Please reproduce the data exactly, though every picture must stay out.
·····
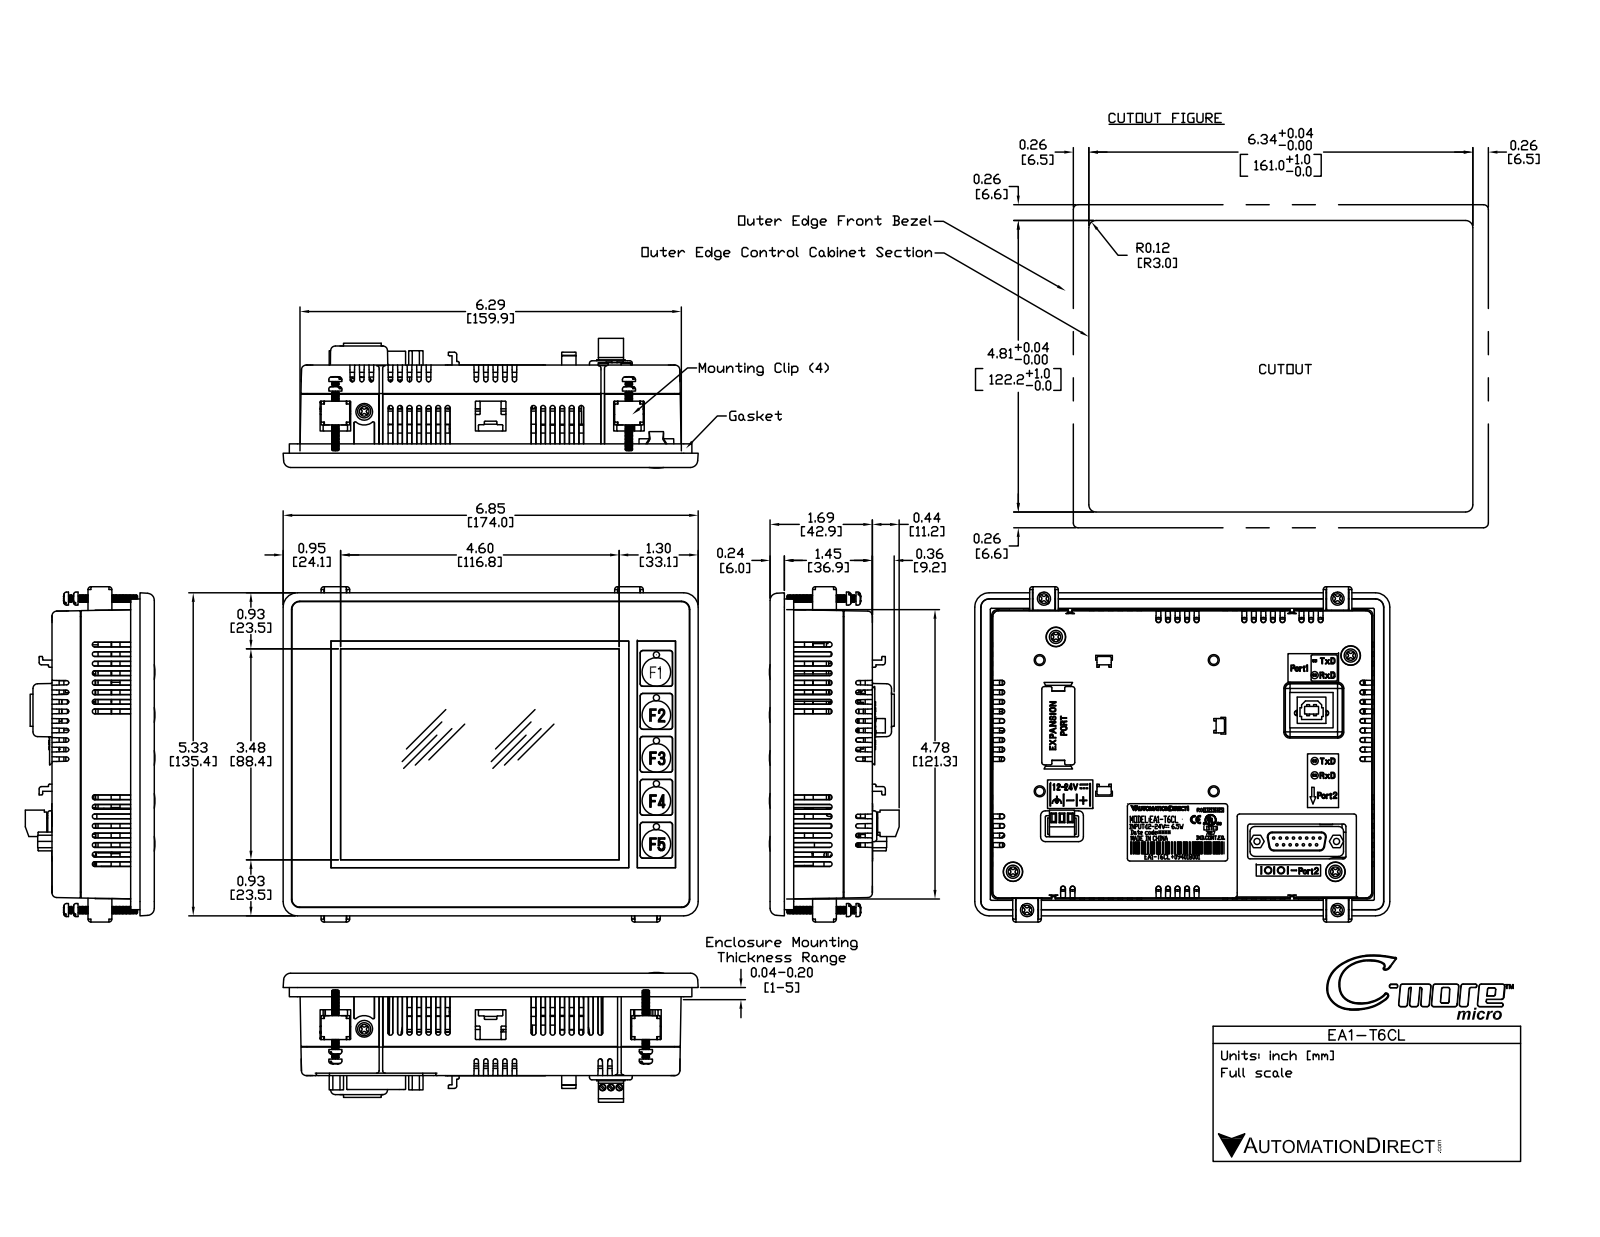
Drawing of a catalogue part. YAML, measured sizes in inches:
part_name: "EA1-T6CL"
step_written_by: "SolidWorks 2009 (CONFIG_CONTROL_DESIGN)"
units: inches
bodies: {solids: 19, faces: 656, planar: 465, cylindrical: 163, other: 28}
overall_size: [6.85, 5.331, 2.063]
volume: 43.14
surface_area: 261.3
round_holes:
  - {diameter: 0.091, count: 5}
  - {diameter: 0.433, count: 5}
  - {diameter: 0.315, count: 4}
  - {diameter: 0.271, count: 1}
round_bosses_or_shafts:
  - {diameter: 0.209, count: 5}
partial_cylinders:
  - {radius: 0.039, count: 34}
  - {radius: 0.079, count: 16}
  - {radius: 0.098, count: 8}
  - {radius: 0.02, count: 4}
  - {radius: 0.157, count: 4}
  - {radius: 0.157, count: 4}
  - {radius: 0.236, count: 4}
face_to_face_distances: [0.118, 1.571, 0.354, 0.472, 1.689, 4.657, 4.303, 4.185, 6.177, 5.823]
hole_center_spacings: [0.717, 1.433, 0.276, 0.441, 0.992, 2.15, 1.157, 1.709]
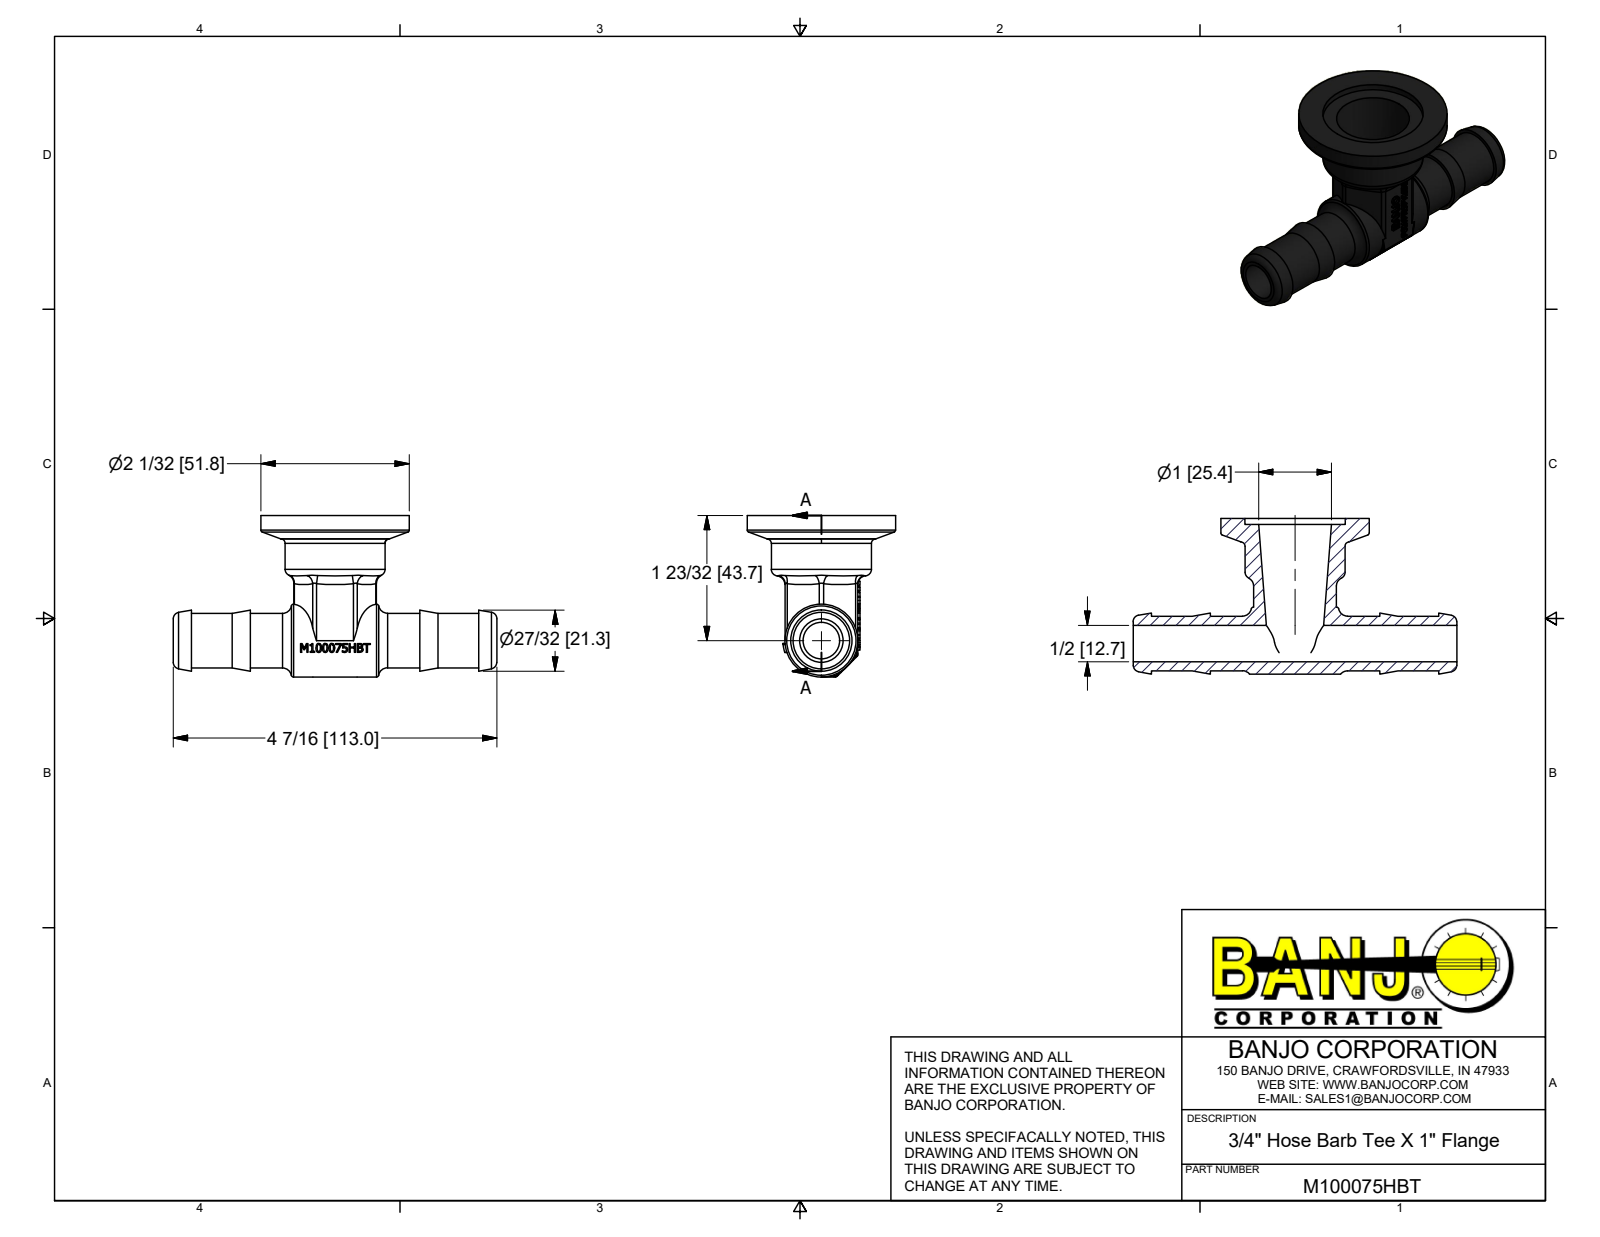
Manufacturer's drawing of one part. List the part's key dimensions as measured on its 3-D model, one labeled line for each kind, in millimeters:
Part name (STEP PRODUCT): M100075HBTU
STEP written by: Autodesk Inventor 2017 (AUTOMOTIVE_DESIGN)
Units: millimetres
Bodies: 1 solid, 507 faces (251 planar, 41 cylindrical, 215 other)
Overall size (bounding box): 113.03 × 56.39 × 51.82
Volume: 43 680 mm³ · Surface area: 21 606 mm²
Round holes (diameter × count): ⌀12.7 ×1, ⌀35.05 ×1
Round bosses / shafts (diameter × count): ⌀51.82 ×1, ⌀34.92 ×1, ⌀25.4 ×1, ⌀19.05 ×1
Partial cylindrical surfaces — rounded edges, fillets, slot ends (radius × count): R0.38 ×6, R1.52 ×6, R0.76 ×2, R13.46 ×1
Main face-to-face distances: 25.4, 2.14, 20.57, 79.75, 6.36, 26.93, 86.11, 106.68, 100.32, 59.18
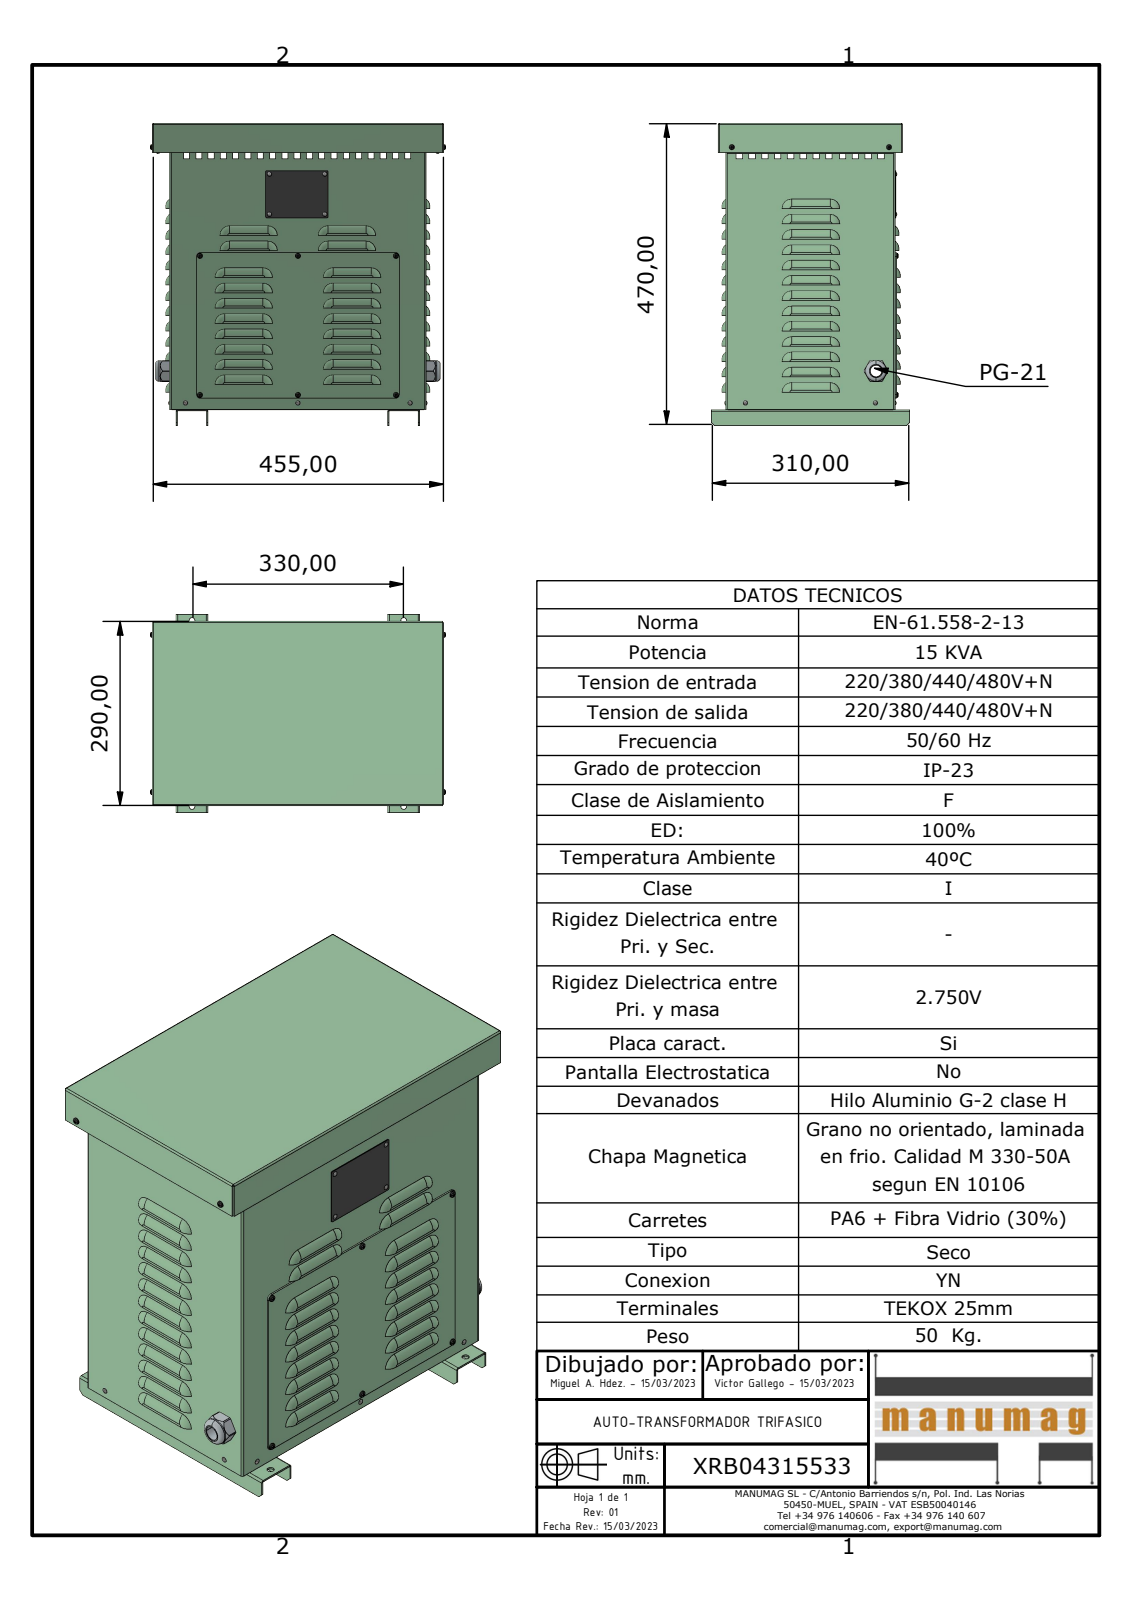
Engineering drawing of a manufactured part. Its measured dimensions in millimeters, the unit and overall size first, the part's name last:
Units: millimetres
Overall size (bounding box): 474.44 × 463.69 × 310
Round holes (diameter × count): ⌀3.4 ×17, ⌀4 ×9, ⌀2.3 ×8, ⌀9 ×6, ⌀5.1 ×3, ⌀8.92 ×2, ⌀18 ×1, ⌀29.9 ×1
Round bosses / shafts (diameter × count): ⌀3.2 ×9, ⌀4 ×8, ⌀3.62 ×8, ⌀32.4 ×1, ⌀28.5 ×1, ⌀28.3 ×1
Partial cylindrical surfaces — rounded edges, fillets, slot ends (radius × count): R14 ×118, R4 ×63, R15 ×49, R2 ×10, R2 ×9, R3.47 ×8, R0.5 ×6, R2.5 ×6
Main face-to-face distances: 2, 262.92, 264.92, 400.8, 447.27, 449.27, 260.92, 398.8, 402.8, 4
Hole centre spacings: 218.1, 153.8, 154.1, 266.87, 267.05, 307.9, 332.28, 377.32
Volume: 2 342 000 mm³ · Surface area: 2 098 000 mm²
Bodies: 33 solids, 2242 faces (1225 planar, 489 cylindrical, 528 other)
Part name (STEP PRODUCT): XRB04315533; JE015 - JE020 - JE025 EXPORT CUERPO; JE015 - JE020 - JE025 EXPORT BASE; JE015 - JE020 - JE025 EXPORT PATA (+6 more)
STEP written by: Autodesk Inventor 2023 (AUTOMOTIVE_DESIGN)
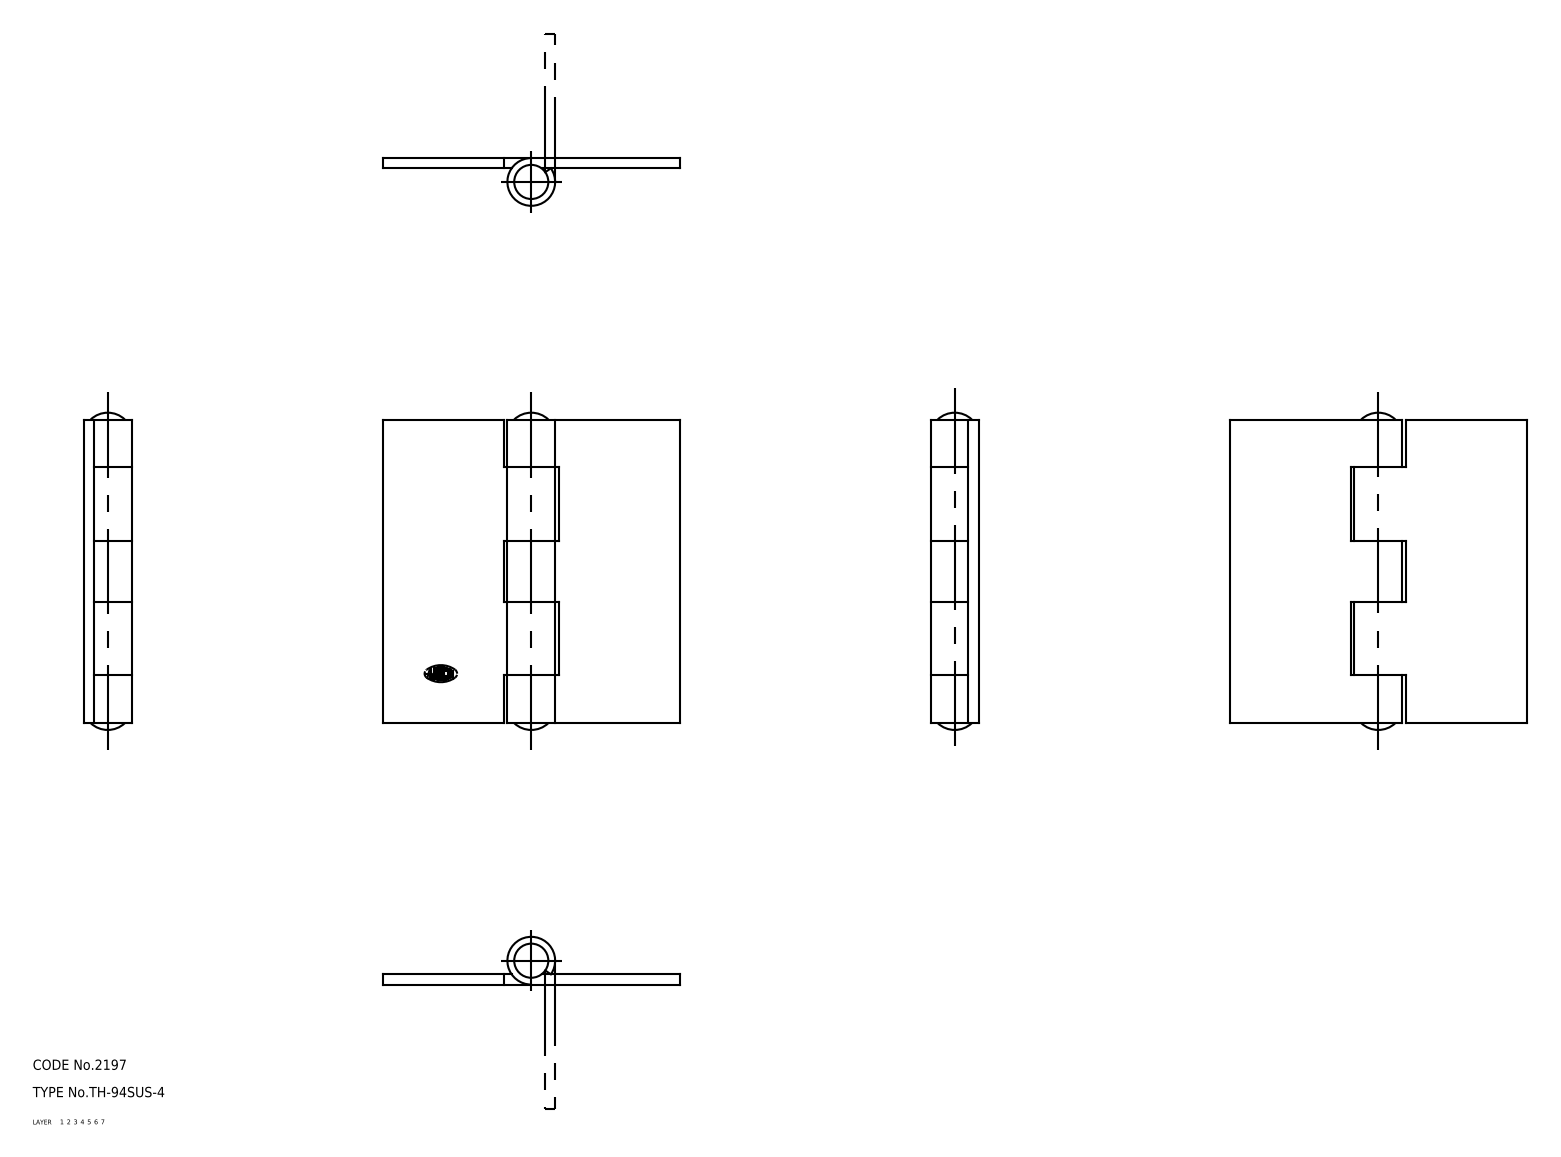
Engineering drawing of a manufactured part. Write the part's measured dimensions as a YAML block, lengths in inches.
·····
▶ **WRITTEN RESPONSE**:
Drawing of a catalogue part. YAML, measured sizes in inches:
part_name: "EA1-T6CL"
step_written_by: "SolidWorks 2009 (CONFIG_CONTROL_DESIGN)"
units: inches
bodies: {solids: 19, faces: 656, planar: 465, cylindrical: 163, other: 28}
overall_size: [6.85, 5.331, 2.063]
volume: 43.14
surface_area: 261.3
round_holes:
  - {diameter: 0.091, count: 5}
  - {diameter: 0.433, count: 5}
  - {diameter: 0.315, count: 4}
  - {diameter: 0.271, count: 1}
round_bosses_or_shafts:
  - {diameter: 0.209, count: 5}
partial_cylinders:
  - {radius: 0.039, count: 34}
  - {radius: 0.079, count: 16}
  - {radius: 0.098, count: 8}
  - {radius: 0.02, count: 4}
  - {radius: 0.157, count: 4}
  - {radius: 0.157, count: 4}
  - {radius: 0.236, count: 4}
face_to_face_distances: [0.118, 1.571, 0.354, 0.472, 1.689, 4.657, 4.303, 4.185, 6.177, 5.823]
hole_center_spacings: [0.717, 1.433, 0.276, 0.441, 0.992, 2.15, 1.157, 1.709]
Manufacturer's drawing of one part. List the part's key dimensions as measured on its 3-D model, one labeled line for each kind, in millimeters:
Part name (STEP PRODUCT): M100075HBTU
STEP written by: Autodesk Inventor 2017 (AUTOMOTIVE_DESIGN)
Units: millimetres
Bodies: 1 solid, 507 faces (251 planar, 41 cylindrical, 215 other)
Overall size (bounding box): 113.03 × 56.39 × 51.82
Volume: 43 680 mm³ · Surface area: 21 606 mm²
Round holes (diameter × count): ⌀12.7 ×1, ⌀35.05 ×1
Round bosses / shafts (diameter × count): ⌀51.82 ×1, ⌀34.92 ×1, ⌀25.4 ×1, ⌀19.05 ×1
Partial cylindrical surfaces — rounded edges, fillets, slot ends (radius × count): R0.38 ×6, R1.52 ×6, R0.76 ×2, R13.46 ×1
Main face-to-face distances: 25.4, 2.14, 20.57, 79.75, 6.36, 26.93, 86.11, 106.68, 100.32, 59.18
Engineering drawing of a manufactured part. Its measured dimensions in millimeters, the unit and overall size first, the part's name last:
Units: millimetres
Overall size (bounding box): 474.44 × 463.69 × 310
Round holes (diameter × count): ⌀3.4 ×17, ⌀4 ×9, ⌀2.3 ×8, ⌀9 ×6, ⌀5.1 ×3, ⌀8.92 ×2, ⌀18 ×1, ⌀29.9 ×1
Round bosses / shafts (diameter × count): ⌀3.2 ×9, ⌀4 ×8, ⌀3.62 ×8, ⌀32.4 ×1, ⌀28.5 ×1, ⌀28.3 ×1
Partial cylindrical surfaces — rounded edges, fillets, slot ends (radius × count): R14 ×118, R4 ×63, R15 ×49, R2 ×10, R2 ×9, R3.47 ×8, R0.5 ×6, R2.5 ×6
Main face-to-face distances: 2, 262.92, 264.92, 400.8, 447.27, 449.27, 260.92, 398.8, 402.8, 4
Hole centre spacings: 218.1, 153.8, 154.1, 266.87, 267.05, 307.9, 332.28, 377.32
Volume: 2 342 000 mm³ · Surface area: 2 098 000 mm²
Bodies: 33 solids, 2242 faces (1225 planar, 489 cylindrical, 528 other)
Part name (STEP PRODUCT): XRB04315533; JE015 - JE020 - JE025 EXPORT CUERPO; JE015 - JE020 - JE025 EXPORT BASE; JE015 - JE020 - JE025 EXPORT PATA (+6 more)
STEP written by: Autodesk Inventor 2023 (AUTOMOTIVE_DESIGN)
Engineering drawing of a manufactured part. Write the part's measured dimensions as a YAML block, lengths in inches.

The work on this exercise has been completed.